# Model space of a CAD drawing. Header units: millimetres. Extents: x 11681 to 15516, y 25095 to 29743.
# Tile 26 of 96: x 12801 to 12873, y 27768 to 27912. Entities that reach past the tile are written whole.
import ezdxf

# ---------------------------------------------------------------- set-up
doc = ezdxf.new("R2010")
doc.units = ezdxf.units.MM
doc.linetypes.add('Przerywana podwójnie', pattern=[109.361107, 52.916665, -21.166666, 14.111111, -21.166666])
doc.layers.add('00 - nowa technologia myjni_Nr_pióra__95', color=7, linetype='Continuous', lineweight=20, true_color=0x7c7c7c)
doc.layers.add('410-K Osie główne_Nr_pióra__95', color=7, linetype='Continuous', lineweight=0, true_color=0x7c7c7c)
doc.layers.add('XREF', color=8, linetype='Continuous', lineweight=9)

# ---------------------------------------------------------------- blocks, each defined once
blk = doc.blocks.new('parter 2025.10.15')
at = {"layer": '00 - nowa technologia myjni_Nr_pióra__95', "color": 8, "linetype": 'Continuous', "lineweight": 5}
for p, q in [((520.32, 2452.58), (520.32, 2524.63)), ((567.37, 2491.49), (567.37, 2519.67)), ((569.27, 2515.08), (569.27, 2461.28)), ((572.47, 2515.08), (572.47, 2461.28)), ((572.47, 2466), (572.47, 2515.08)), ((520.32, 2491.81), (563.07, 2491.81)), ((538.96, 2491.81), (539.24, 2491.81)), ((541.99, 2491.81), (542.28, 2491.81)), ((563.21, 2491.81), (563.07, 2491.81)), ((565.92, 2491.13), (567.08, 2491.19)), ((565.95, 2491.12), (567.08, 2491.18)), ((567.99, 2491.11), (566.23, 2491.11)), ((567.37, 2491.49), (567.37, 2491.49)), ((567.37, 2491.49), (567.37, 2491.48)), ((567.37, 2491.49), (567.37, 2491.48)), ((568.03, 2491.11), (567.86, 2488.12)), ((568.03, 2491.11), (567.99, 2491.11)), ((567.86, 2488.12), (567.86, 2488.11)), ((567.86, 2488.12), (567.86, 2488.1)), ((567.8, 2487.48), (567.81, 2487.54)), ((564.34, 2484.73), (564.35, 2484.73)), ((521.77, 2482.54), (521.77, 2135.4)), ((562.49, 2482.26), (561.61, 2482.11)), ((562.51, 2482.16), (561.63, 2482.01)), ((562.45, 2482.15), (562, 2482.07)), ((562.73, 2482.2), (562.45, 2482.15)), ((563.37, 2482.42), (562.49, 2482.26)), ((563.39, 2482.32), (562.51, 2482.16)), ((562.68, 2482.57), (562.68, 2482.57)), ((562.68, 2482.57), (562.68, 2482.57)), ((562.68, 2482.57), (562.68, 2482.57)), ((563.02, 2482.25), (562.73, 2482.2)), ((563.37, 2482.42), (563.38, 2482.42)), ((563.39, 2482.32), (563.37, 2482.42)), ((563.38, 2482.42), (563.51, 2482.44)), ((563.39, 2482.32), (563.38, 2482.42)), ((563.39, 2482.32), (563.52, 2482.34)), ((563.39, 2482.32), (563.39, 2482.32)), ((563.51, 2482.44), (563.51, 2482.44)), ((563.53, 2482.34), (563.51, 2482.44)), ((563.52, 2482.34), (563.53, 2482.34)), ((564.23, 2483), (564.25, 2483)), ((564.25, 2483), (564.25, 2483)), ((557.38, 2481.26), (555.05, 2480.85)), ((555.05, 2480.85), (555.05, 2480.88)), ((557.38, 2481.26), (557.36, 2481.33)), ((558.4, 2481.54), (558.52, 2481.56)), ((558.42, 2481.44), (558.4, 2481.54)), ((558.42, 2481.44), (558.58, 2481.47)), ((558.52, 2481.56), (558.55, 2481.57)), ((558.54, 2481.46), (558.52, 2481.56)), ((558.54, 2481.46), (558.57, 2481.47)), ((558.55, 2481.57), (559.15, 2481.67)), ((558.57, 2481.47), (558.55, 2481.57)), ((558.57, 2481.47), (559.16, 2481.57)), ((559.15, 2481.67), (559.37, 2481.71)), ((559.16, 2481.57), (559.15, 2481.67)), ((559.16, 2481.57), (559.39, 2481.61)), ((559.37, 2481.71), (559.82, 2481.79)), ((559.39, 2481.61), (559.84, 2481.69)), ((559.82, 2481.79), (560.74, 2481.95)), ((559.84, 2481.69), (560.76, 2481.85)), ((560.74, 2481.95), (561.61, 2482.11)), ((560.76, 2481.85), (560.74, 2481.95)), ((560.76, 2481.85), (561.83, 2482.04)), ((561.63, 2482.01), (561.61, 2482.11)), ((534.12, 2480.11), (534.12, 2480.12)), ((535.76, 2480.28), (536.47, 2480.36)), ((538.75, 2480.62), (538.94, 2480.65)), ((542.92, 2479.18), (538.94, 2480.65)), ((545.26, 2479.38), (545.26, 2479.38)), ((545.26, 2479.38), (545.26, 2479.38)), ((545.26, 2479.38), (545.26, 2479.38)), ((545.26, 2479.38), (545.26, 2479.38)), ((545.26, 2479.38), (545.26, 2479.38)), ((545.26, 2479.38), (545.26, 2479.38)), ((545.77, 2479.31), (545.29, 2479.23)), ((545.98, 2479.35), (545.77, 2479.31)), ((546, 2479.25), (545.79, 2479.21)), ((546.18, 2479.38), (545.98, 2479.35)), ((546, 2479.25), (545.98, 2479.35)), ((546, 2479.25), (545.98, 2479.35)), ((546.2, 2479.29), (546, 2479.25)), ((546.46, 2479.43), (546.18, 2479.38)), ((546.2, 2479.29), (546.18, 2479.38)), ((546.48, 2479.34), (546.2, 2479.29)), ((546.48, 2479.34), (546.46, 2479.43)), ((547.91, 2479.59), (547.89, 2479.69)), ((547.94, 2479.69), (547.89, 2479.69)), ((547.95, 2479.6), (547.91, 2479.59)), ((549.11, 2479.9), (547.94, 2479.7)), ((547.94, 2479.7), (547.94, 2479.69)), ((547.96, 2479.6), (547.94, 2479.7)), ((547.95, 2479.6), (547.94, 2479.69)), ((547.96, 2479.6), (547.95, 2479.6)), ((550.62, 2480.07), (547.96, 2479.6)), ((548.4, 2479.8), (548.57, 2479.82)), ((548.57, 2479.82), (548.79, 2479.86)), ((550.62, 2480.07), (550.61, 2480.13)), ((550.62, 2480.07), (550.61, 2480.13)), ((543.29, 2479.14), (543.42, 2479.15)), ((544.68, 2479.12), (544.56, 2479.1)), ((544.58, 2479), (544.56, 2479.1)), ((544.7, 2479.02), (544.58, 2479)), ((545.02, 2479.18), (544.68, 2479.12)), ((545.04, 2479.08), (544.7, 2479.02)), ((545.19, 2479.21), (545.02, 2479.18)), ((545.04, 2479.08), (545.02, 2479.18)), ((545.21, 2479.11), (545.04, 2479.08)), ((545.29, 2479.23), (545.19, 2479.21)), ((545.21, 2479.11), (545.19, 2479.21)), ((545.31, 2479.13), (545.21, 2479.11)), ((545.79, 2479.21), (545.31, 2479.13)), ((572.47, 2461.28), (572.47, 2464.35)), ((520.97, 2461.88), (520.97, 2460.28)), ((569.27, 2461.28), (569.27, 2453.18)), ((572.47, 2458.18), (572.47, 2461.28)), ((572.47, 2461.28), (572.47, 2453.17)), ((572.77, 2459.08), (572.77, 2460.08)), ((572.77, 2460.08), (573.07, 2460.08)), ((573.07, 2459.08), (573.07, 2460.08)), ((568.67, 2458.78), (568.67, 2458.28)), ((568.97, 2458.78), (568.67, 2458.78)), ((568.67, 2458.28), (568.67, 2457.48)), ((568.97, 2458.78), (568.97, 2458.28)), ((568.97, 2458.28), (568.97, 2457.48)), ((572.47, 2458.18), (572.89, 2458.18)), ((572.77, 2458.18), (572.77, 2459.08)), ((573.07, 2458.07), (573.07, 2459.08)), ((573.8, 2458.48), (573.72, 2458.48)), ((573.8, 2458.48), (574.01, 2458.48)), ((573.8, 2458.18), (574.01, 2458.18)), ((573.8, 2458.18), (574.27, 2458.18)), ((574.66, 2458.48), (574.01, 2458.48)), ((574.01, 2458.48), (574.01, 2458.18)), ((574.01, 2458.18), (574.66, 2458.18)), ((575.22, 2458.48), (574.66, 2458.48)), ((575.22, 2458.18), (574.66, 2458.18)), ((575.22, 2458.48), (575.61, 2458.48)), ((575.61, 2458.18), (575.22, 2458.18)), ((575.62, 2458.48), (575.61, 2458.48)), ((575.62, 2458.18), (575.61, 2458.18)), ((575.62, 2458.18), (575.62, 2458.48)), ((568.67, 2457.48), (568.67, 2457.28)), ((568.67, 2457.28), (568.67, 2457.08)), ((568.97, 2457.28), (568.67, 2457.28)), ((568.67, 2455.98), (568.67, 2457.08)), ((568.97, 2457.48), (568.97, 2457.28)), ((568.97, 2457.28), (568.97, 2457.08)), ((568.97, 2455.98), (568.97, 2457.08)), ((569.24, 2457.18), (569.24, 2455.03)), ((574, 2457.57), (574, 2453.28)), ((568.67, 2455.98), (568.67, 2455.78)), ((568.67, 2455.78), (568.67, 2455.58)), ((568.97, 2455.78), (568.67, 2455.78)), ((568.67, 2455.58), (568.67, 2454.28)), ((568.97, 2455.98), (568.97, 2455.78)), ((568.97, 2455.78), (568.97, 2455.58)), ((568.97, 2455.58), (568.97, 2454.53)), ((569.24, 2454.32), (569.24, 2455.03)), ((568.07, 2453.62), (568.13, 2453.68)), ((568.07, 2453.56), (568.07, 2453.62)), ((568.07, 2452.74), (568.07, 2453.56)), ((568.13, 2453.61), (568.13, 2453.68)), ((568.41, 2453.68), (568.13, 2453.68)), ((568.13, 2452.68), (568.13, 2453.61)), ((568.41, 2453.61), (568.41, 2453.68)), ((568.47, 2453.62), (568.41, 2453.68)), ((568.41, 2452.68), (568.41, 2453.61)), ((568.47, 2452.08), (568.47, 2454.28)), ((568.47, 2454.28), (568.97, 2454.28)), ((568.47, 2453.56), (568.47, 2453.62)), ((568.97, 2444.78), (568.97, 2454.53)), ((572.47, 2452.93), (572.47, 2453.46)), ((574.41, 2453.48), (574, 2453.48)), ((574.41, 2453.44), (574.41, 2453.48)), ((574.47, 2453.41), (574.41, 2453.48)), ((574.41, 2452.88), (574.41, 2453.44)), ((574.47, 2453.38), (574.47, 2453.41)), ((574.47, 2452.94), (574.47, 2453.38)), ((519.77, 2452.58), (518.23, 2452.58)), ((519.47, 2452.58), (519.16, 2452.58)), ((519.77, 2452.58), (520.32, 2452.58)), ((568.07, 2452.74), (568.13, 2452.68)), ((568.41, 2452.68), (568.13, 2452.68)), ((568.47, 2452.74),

Task details: Repeat, word for word, the lines from the opening of the material through the line containing "doc.layers.add('00 - nowa".

Problem solution:
# Model space of a CAD drawing. Header units: millimetres. Extents: x 11681 to 15516, y 25095 to 29743.
# Tile 26 of 96: x 12801 to 12873, y 27768 to 27912. Entities that reach past the tile are written whole.
import ezdxf

# ---------------------------------------------------------------- set-up
doc = ezdxf.new("R2010")
doc.units = ezdxf.units.MM
doc.linetypes.add('Przerywana podwójnie', pattern=[109.361107, 52.916665, -21.166666, 14.111111, -21.166666])
doc.layers.add('00 - nowa technologia myjni_Nr_pióra__95', color=7, linetype='Continuous', lineweight=20, true_color=0x7c7c7c)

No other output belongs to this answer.